+++ Records shown +++

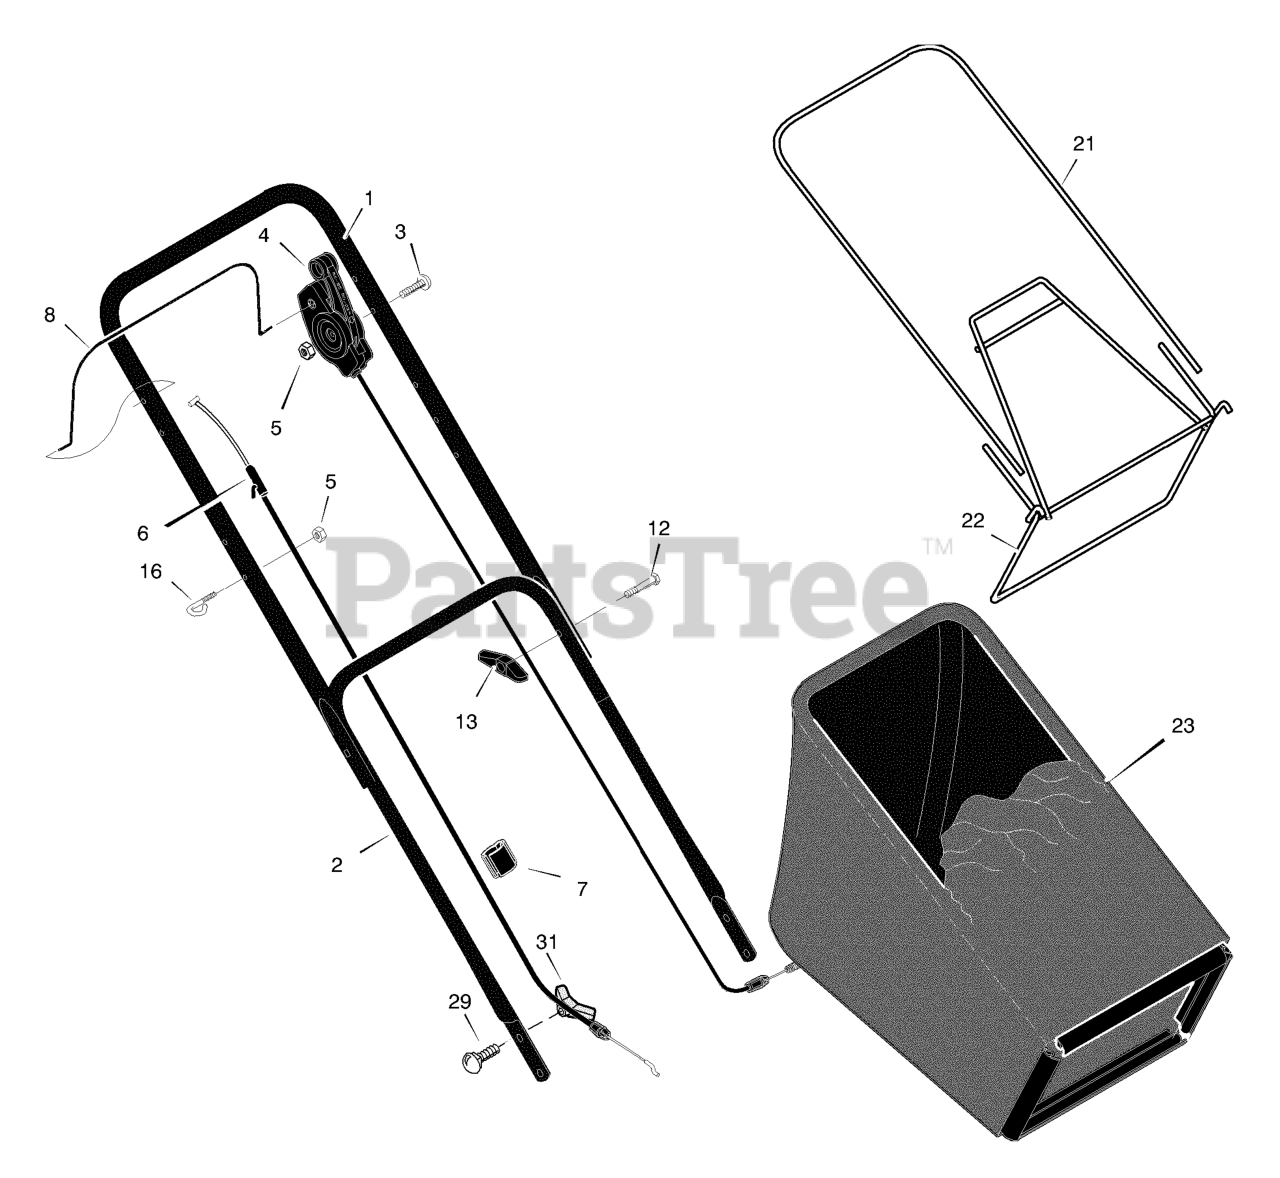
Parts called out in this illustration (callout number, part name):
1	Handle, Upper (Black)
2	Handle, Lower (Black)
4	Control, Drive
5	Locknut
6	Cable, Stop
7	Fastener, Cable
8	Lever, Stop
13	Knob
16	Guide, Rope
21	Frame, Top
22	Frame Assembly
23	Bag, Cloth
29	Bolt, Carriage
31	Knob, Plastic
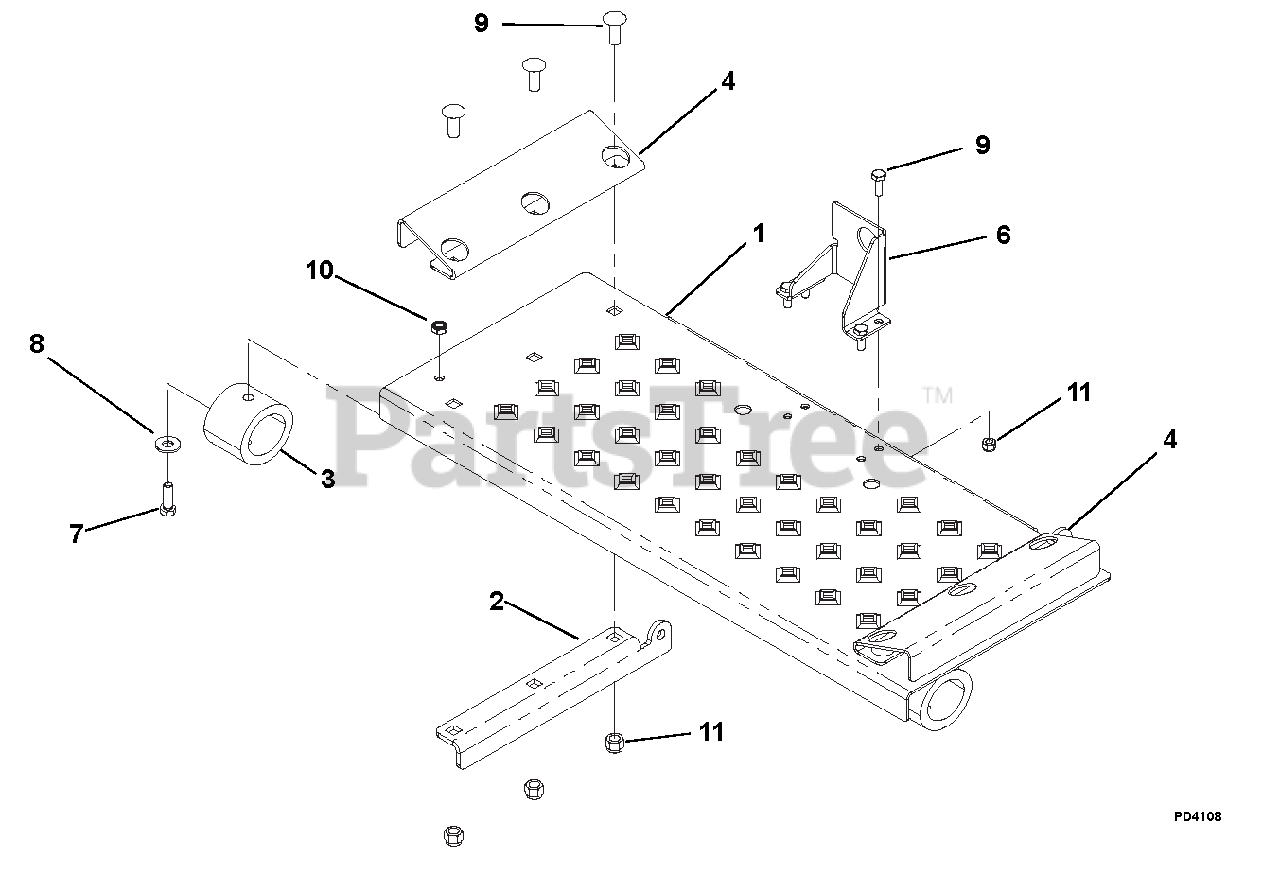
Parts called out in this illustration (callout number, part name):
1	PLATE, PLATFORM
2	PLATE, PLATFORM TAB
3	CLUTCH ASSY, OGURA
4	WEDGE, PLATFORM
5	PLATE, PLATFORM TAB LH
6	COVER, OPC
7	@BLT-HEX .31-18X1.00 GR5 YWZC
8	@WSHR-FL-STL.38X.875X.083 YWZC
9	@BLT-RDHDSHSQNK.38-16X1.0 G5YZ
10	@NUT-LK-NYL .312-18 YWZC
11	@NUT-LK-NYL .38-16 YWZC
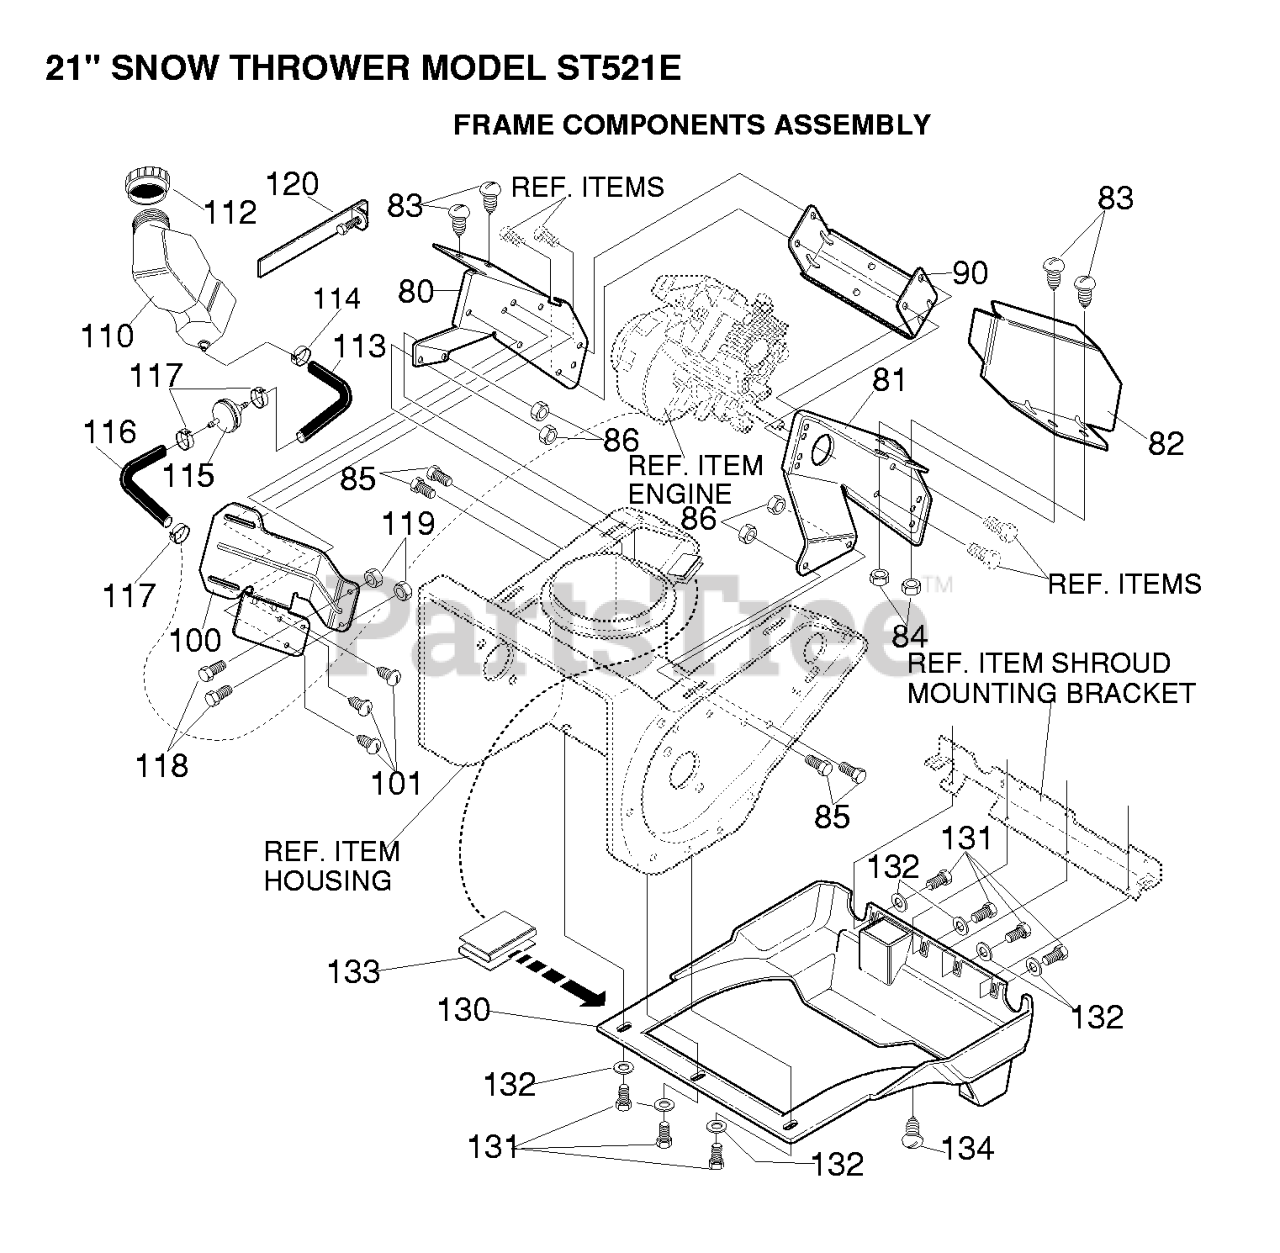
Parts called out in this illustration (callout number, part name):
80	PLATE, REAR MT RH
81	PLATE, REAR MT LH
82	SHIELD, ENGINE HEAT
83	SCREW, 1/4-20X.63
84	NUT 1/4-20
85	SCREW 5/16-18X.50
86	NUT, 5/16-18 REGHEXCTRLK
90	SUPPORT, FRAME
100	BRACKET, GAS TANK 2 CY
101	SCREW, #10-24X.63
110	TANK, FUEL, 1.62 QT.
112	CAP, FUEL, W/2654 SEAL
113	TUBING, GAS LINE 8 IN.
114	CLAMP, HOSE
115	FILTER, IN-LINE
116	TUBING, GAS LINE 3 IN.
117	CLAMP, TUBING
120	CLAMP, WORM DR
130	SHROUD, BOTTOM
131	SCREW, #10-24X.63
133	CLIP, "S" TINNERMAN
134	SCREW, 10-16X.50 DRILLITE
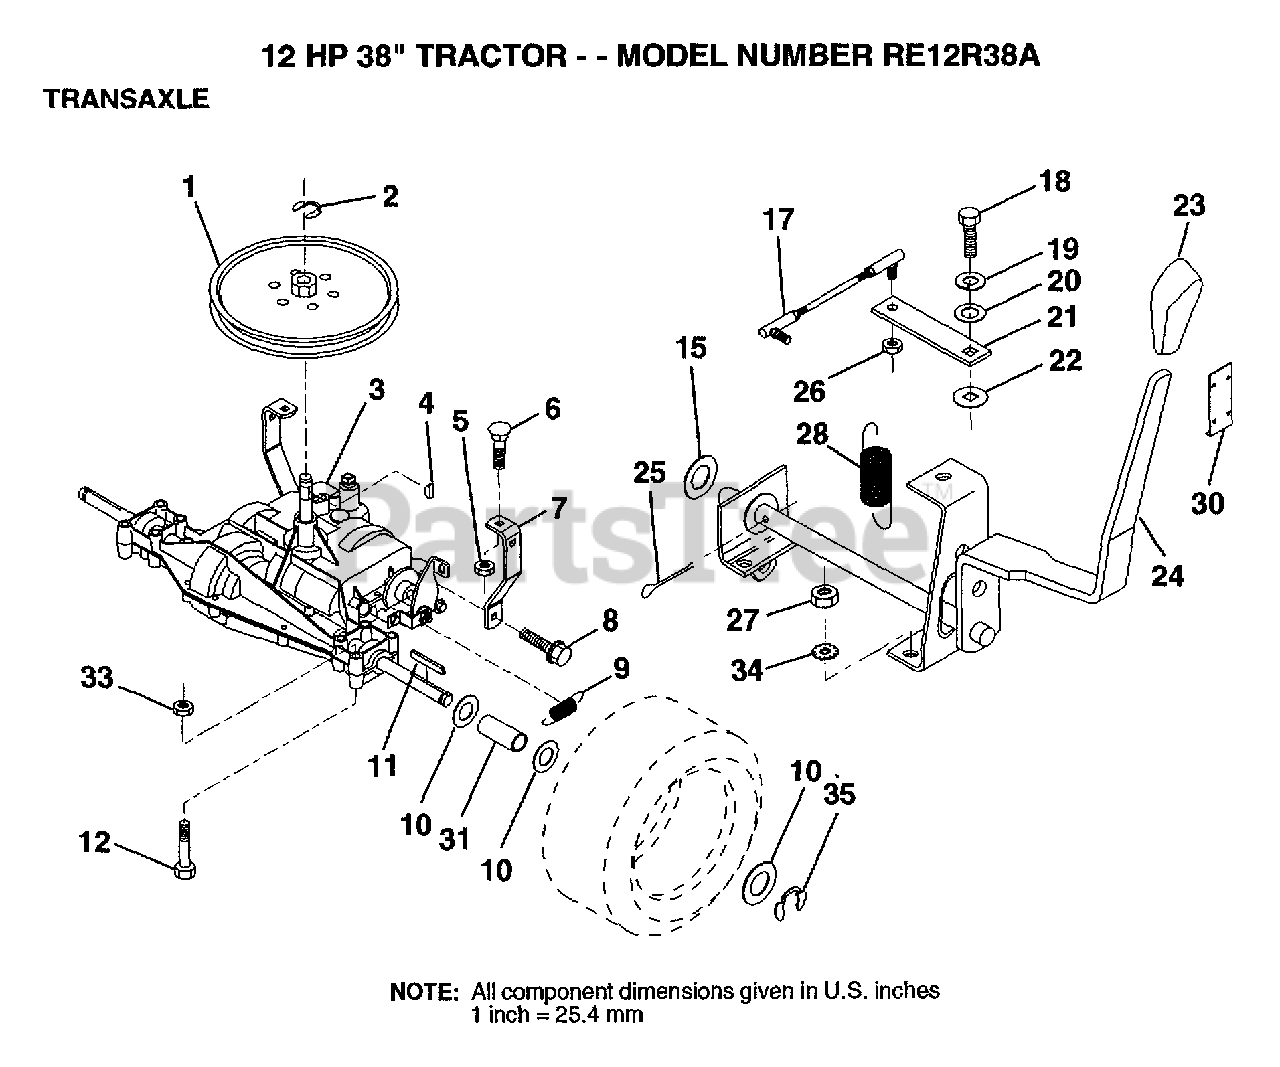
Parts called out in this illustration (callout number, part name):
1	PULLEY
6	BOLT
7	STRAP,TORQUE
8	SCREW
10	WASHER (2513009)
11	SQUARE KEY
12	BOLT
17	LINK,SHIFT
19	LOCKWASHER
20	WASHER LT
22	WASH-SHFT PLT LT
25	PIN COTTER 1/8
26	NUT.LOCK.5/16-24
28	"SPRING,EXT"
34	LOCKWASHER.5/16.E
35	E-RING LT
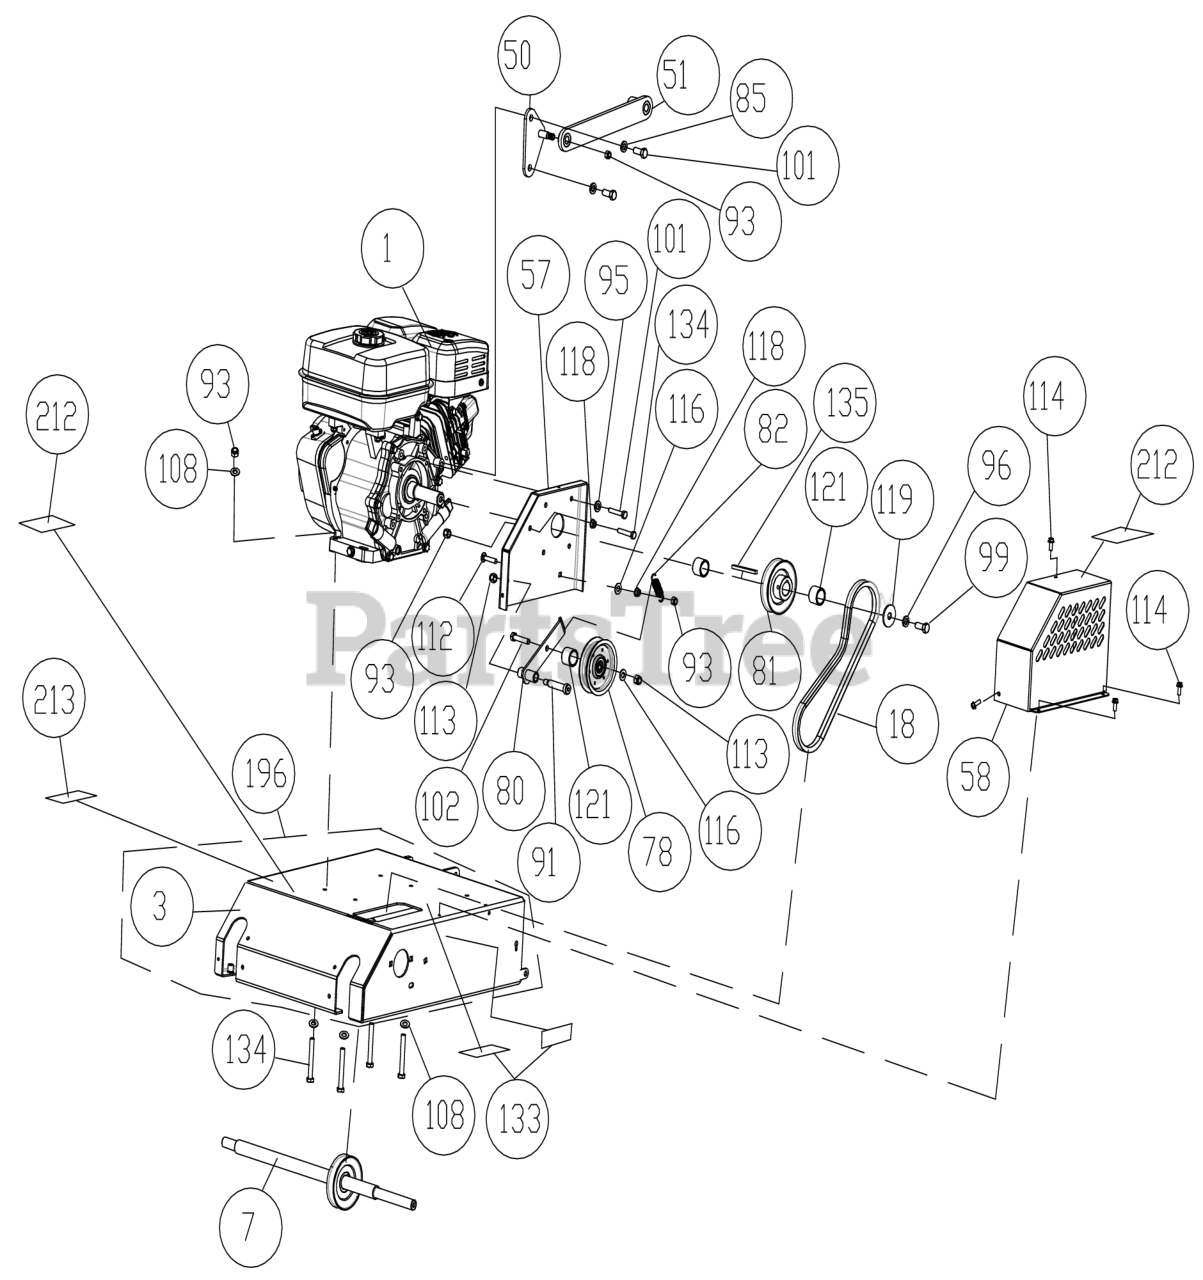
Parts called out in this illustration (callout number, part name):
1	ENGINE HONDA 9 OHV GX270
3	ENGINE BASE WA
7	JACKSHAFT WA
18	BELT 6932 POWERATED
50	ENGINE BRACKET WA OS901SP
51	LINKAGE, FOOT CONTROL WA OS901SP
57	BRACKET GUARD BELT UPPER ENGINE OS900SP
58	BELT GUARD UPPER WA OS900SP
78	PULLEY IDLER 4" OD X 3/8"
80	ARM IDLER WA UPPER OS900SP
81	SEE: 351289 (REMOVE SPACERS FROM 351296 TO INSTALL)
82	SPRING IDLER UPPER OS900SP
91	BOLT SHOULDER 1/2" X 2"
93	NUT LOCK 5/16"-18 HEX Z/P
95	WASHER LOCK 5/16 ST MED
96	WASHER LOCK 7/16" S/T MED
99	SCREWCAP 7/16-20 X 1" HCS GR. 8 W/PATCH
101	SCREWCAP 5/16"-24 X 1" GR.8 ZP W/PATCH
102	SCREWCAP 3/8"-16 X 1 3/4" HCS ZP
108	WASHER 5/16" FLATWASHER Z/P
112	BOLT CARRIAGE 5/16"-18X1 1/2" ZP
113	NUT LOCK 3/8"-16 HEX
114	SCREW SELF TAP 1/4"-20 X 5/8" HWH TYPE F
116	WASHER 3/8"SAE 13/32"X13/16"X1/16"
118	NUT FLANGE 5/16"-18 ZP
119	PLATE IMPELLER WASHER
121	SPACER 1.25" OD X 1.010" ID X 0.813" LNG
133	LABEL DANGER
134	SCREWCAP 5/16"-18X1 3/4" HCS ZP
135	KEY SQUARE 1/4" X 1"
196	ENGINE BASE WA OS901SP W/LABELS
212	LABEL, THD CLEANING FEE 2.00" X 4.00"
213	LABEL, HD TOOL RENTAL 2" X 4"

+++

Your goal
Look through the records for the string "SPRING". Copy every line that has it.

Exercise response
28	"SPRING,EXT"
82	SPRING IDLER UPPER OS900SP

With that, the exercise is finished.